Raw data START

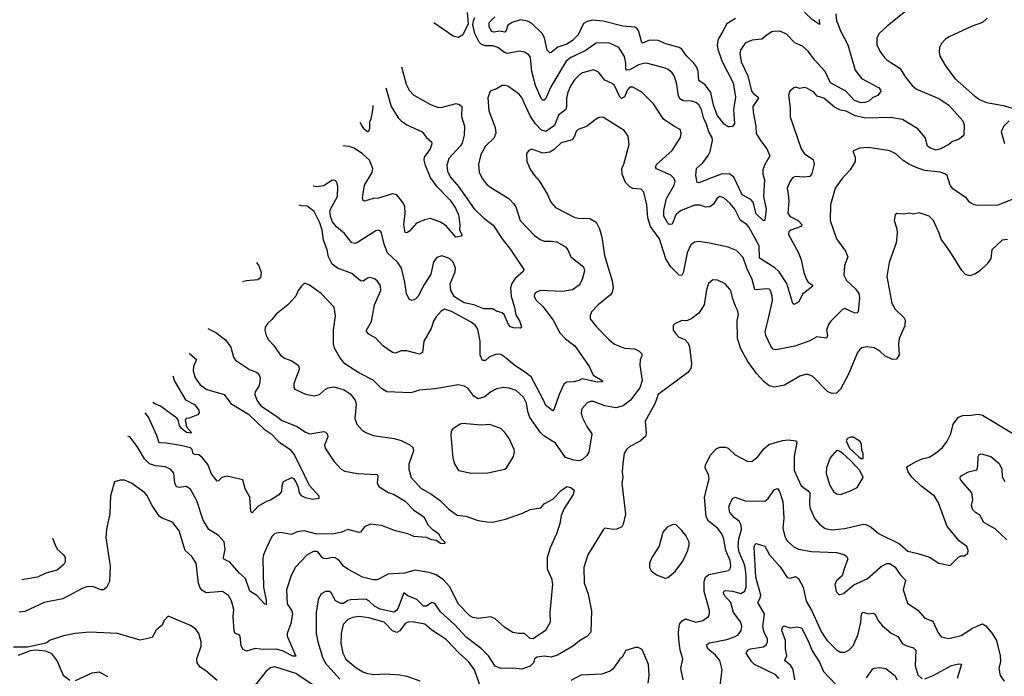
# Model space of a CAD drawing. Extents: x 1933546 to 2138868, y 524910 to 667279.
# Tile 316 of 466: x 2016139 to 2023151, y 654260 to 658934. Entities that reach past the tile are written whole.
import ezdxf

# ---------------------------------------------------------------- set-up
doc = ezdxf.new("R2010")
doc.units = 0

msp = doc.modelspace()

# ---------------------------------------------------------------- linework, layer by layer
at = {"layer": '0CON10XD'}
for points in [[(2022465, 659007.5), (2022317.5, 658887.5), (2022258.8, 658835), (2022244.2, 658805), (2022244.2, 658755), (2022265, 658710), (2022295, 658666.2), (2022316.2, 658645), (2022407.6, 658587.6), (2022447.8, 658525), (2022495.3, 658465.3), (2022525, 658438.5), (2022685, 658372.3), (2022756.9, 658325), (2022855.7, 658215), (2022865.6, 658185), (2022864, 658115), (2022856.2, 658105), (2022825, 658082.1), (2022782.2, 658067.8), (2022755, 658044.3), (2022696.7, 658015), (2022665, 658006), (2022625, 658018.8), (2022605, 658033.8), (2022588.1, 658095), (2022535, 658156.9), (2022425, 658222.5), (2022338.5, 658238.5), (2022165, 658233.6), (2022089.6, 658249.6), (2022025, 658283.8), (2021985, 658290.9), (2021940.8, 658310.8), (2021865.3, 658375.3), (2021818.8, 658388.8), (2021795, 658418.1), (2021745, 658445.7), (2021725, 658452), (2021695, 658444), (2021665, 658453.3), (2021651.7, 658448.3), (2021623.3, 658425), (2021614.2, 658395.8), (2021625.7, 658305), (2021625, 658242.5), (2021704.6, 658014.6), (2021728.9, 657978.9), (2021789.2, 657939.2), (2021797.5, 657905), (2021780.6, 657839.4), (2021765, 657818.1), (2021725, 657811.8), (2021665, 657818.6), (2021642.2, 657807.8), (2021625.5, 657784.5), (2021605.6, 657735), (2021610.7, 657690.7), (2021615.5, 657645), (2021609.1, 657555), (2021625, 657533.9), (2021683.1, 657505), (2021710, 657475), (2021705, 657462.9), (2021630, 657435), (2021616.4, 657423.6), (2021613.6, 657405), (2021686.2, 657275), (2021703.6, 657225), (2021723.4, 657133.4), (2021741.9, 657085), (2021755, 657065.8), (2021784, 657045), (2021786, 657035), (2021715, 656979.2), (2021688.8, 656925), (2021655, 656906.2), (2021645, 656913.3), (2021603.5, 657055), (2021548.7, 657138.7), (2021516.8, 657166.8), (2021407.4, 657237.4), (2021404.2, 657325), (2021335, 657455.6), (2021316.3, 657476.3), (2021273.5, 657505), (2021231.5, 657585), (2021199.4, 657625), (2021154, 657665), (2021125, 657675.6), (2021105, 657664.2), (2021079.9, 657620.1), (2021055, 657601.8), (2021025, 657600), (2020984.7, 657614.7), (2020945, 657612.8), (2020845, 657573.4), (2020810.8, 657545), (2020785, 657478.8), (2020765, 657476), (2020755, 657486), (2020727.3, 657535), (2020725.3, 657575), (2020745, 657661.9), (2020800.9, 657755), (2020806.4, 657785), (2020798.5, 657805), (2020776.2, 657826.2), (2020675, 657872.9), (2020666.4, 657885), (2020675, 657903.5), (2020785, 658002), (2020844.2, 658095), (2020850, 658125), (2020842.3, 658152.3), (2020796.7, 658175), (2020724.6, 658224.6), (2020651.9, 658335), (2020569.1, 658419.1), (2020505, 658453.5), (2020485, 658454.4), (2020467.9, 658435), (2020445.7, 658384.3), (2020425, 658373.3), (2020412.9, 658385), (2020374.7, 658464.7), (2020358.6, 658478.6), (2020305, 658504.3), (2020260.9, 658560.9), (2020225, 658577.3), (2020148, 658555), (2020125, 658540.5), (2020090.4, 658505), (2020063.9, 658465), (2020043.2, 658416.8), (2020033.8, 658373.8), (2020033.9, 658315), (2020027.3, 658295), (2019975.3, 658254.7), (2019948.3, 658181.7), (2019885, 658138.5), (2019855, 658147.1), (2019811.9, 658191.9), (2019775.7, 658245.7), (2019744.3, 658315.7), (2019717.5, 658375), (2019695, 658404.3), (2019615, 658460.5), (2019595, 658466.5), (2019575, 658464.4), (2019535, 658440.6), (2019490, 658425), (2019472.8, 658377.2), (2019480.5, 658285), (2019526.1, 658166.1), (2019528.9, 658125), (2019516.9, 658093.1), (2019455.9, 658034.1), (2019423.5, 657975), (2019405.6, 657905), (2019410.8, 657845), (2019435, 657800), (2019463.8, 657763.8), (2019495, 657738.6), (2019621.2, 657661.2), (2019656.5, 657626.5), (2019672.6, 657602.6), (2019704.1, 657504.1), (2019805, 657398.6), (2019845, 657369.4), (2019875, 657356.5), (2019925, 657358.5), (2019965, 657351.5), (2020025, 657317.1), (2020042.9, 657295), (2020065, 657246), (2020154.4, 657174.4), (2020162, 657145), (2020145.7, 657085), (2020124.2, 657045), (2020075, 657011.1), (2020005, 656999.1), (2019845, 657005.6), (2019815, 656992), (2019805, 656980), (2019802.5, 656965), (2019815, 656938.8), (2019865, 656892.5), (2019937.3, 656795), (2019985, 656705.5), (2020025, 656663.1), (2020092.2, 656612.2), (2020195, 656466), (2020223.9, 656403.9), (2020286, 656365), (2020290, 656355), (2020255, 656353.6), (2020145, 656378.1), (2020120, 656365), (2020085.9, 656355.9), (2020035, 656354), (2020015, 656338.8), (2019980, 656265), (2019945.8, 656164.2), (2019935, 656150), (2019885, 656186.7), (2019870, 656225), (2019780.6, 656390.6), (2019735, 656427.9), (2019665, 656471.5), (2019595, 656532.7), (2019565, 656550.5), (2019535, 656553.6), (2019485.3, 656534.7), (2019455, 656507.5), (2019435, 656508), (2019418.5, 656545), (2019417.1, 656645), (2019400.7, 656730.7), (2019386, 656756), (2019355, 656781.8), (2019215, 656857.3), (2019165, 656874.2), (2019141.3, 656858.7), (2019105, 656818.8), (2019085, 656786.7), (2019068.1, 656735), (2019018.1, 656645), (2019006.9, 656565), (2018985, 656553.6), (2018895, 656576.4), (2018855, 656575.6), (2018815, 656560.8), (2018795, 656564.3), (2018725, 656612.5), (2018675, 656667.5), (2018625.8, 656695), (2018608, 656715), (2018607.5, 656725), (2018644.7, 656785.3), (2018665.4, 656904.6), (2018711.9, 657005), (2018709.4, 657039.4), (2018685.7, 657075), (2018665, 657090), (2018635, 657099.2), (2018615, 657094), (2018585, 657072.5), (2018565, 657074.3), (2018505, 657127.5), (2018401.2, 657165), (2018365, 657194.3), (2018338.2, 657245), (2018327.8, 657295), (2018302.3, 657365), (2018292.9, 657435), (2018277, 657487), (2018235, 657568.8), (2018185, 657605.8), (2018145, 657609.2), (2018127.6, 657612.9)], [(2019325.8, 658985.8), (2019332.5, 658905), (2019294, 658826), (2019265, 658806.7), (2019225, 658817.1), (2019088.9, 658910.3)], [(2021952.3, 658975), (2021956.9, 658925), (2021965, 658904.3), (2021984, 658855), (2022036.8, 658755), (2022090, 658575), (2022134.7, 658514.7), (2022255, 658451.2), (2022270, 658435), (2022272.5, 658425), (2022250, 658395), (2022215, 658379.2), (2022186.1, 658353.9), (2022156.7, 658343.3), (2022132.4, 658342.4), (2022085, 658357.7), (2022021.8, 658425), (2021914.1, 658484.1), (2021875, 658565.5), (2021799.2, 658649.2), (2021755, 658710.9), (2021715, 658745.6), (2021659.5, 658769.5), (2021600.7, 658830.7), (2021558.6, 658848.6), (2021525, 658851.8), (2021495, 658846.9), (2021462.5, 658825), (2021425, 658795.6), (2021355, 658788.1), (2021305, 658765.7), (2021275, 658721.2), (2021268.2, 658695), (2021277.3, 658635), (2021323.8, 658533.8), (2021351.5, 658425), (2021366.9, 658405), (2021395.9, 658385.9), (2021400.5, 658375), (2021360, 658315), (2021361.5, 658275), (2021382.3, 658175), (2021384.7, 658124.7), (2021413.6, 658075), (2021460, 658015), (2021480.8, 657965), (2021445.8, 657904.2), (2021431.5, 657865), (2021432.1, 657835), (2021444.4, 657795), (2021436.9, 657675), (2021454.3, 657585), (2021445, 657506.7), (2021435, 657502.5), (2021385, 657551.5), (2021363.4, 657635), (2021347.1, 657655), (2021285, 657687.3), (2021225, 657813.8), (2021195, 657836.4), (2021135, 657834.2), (2020975, 657772), (2020964.4, 657774.4), (2020953.9, 657825), (2020960, 657875), (2021005, 657915.8), (2021043, 657967), (2021055.3, 657995), (2021073.7, 658075), (2021070.2, 658095), (2021046.9, 658135), (2021030.8, 658190.8), (2021008.8, 658235), (2020994.7, 658295), (2020975, 658327.8), (2020955, 658343.8), (2020925, 658353.8), (2020865, 658356.8), (2020840.3, 658370.3), (2020831.1, 658391.1), (2020815.4, 658485.4), (2020799.2, 658535), (2020785, 658555.8), (2020758.2, 658578.2), (2020735, 658588.6), (2020612.9, 658622.9), (2020594.4, 658624.4), (2020545, 658612.3), (2020485, 658578.1), (2020463.6, 658573.6), (2020456.2, 658585), (2020455.7, 658625), (2020445, 658672.5), (2020405, 658735.7), (2020335, 658769.6), (2020245, 658766.5), (2020165, 658711.8), (2020064.5, 658665), (2020031, 658639), (2019921.8, 658455), (2019889.2, 658380.9), (2019875, 658361.4), (2019865, 658360), (2019852.6, 658372.6), (2019813, 658465), (2019786.9, 658565), (2019775.5, 658665), (2019765, 658684), (2019735, 658702.5), (2019695, 658710), (2019612.7, 658692.7), (2019591.1, 658701.1), (2019544, 658736), (2019508, 658748), (2019455, 658748.1), (2019426.6, 658756.6), (2019411.2, 658775), (2019380.8, 658835), (2019366.1, 658896.1), (2019371.2, 658925), (2019381.4, 658948.6)], [(2021833.3, 658935), (2021835, 658900), (2021785, 658932), (2021727.8, 658987.8)], [(2021237.4, 658942.6), (2021175.8, 658904.2), (2021143.5, 658846.5), (2021113.6, 658795), (2021107.1, 658755), (2021110.4, 658725), (2021140.2, 658640.2), (2021221.2, 658485), (2021236.7, 658383.3), (2021222.7, 658295), (2021230.6, 658195), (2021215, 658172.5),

Raw data END

* _About this task_
Skip every picture and return the lines above from the top through the one that contains "msp = doc.modelspace()".

* _Answer box_
# Model space of a CAD drawing. Extents: x 1933546 to 2138868, y 524910 to 667279.
# Tile 316 of 466: x 2016139 to 2023151, y 654260 to 658934. Entities that reach past the tile are written whole.
import ezdxf

# ---------------------------------------------------------------- set-up
doc = ezdxf.new("R2010")
doc.units = 0

msp = doc.modelspace()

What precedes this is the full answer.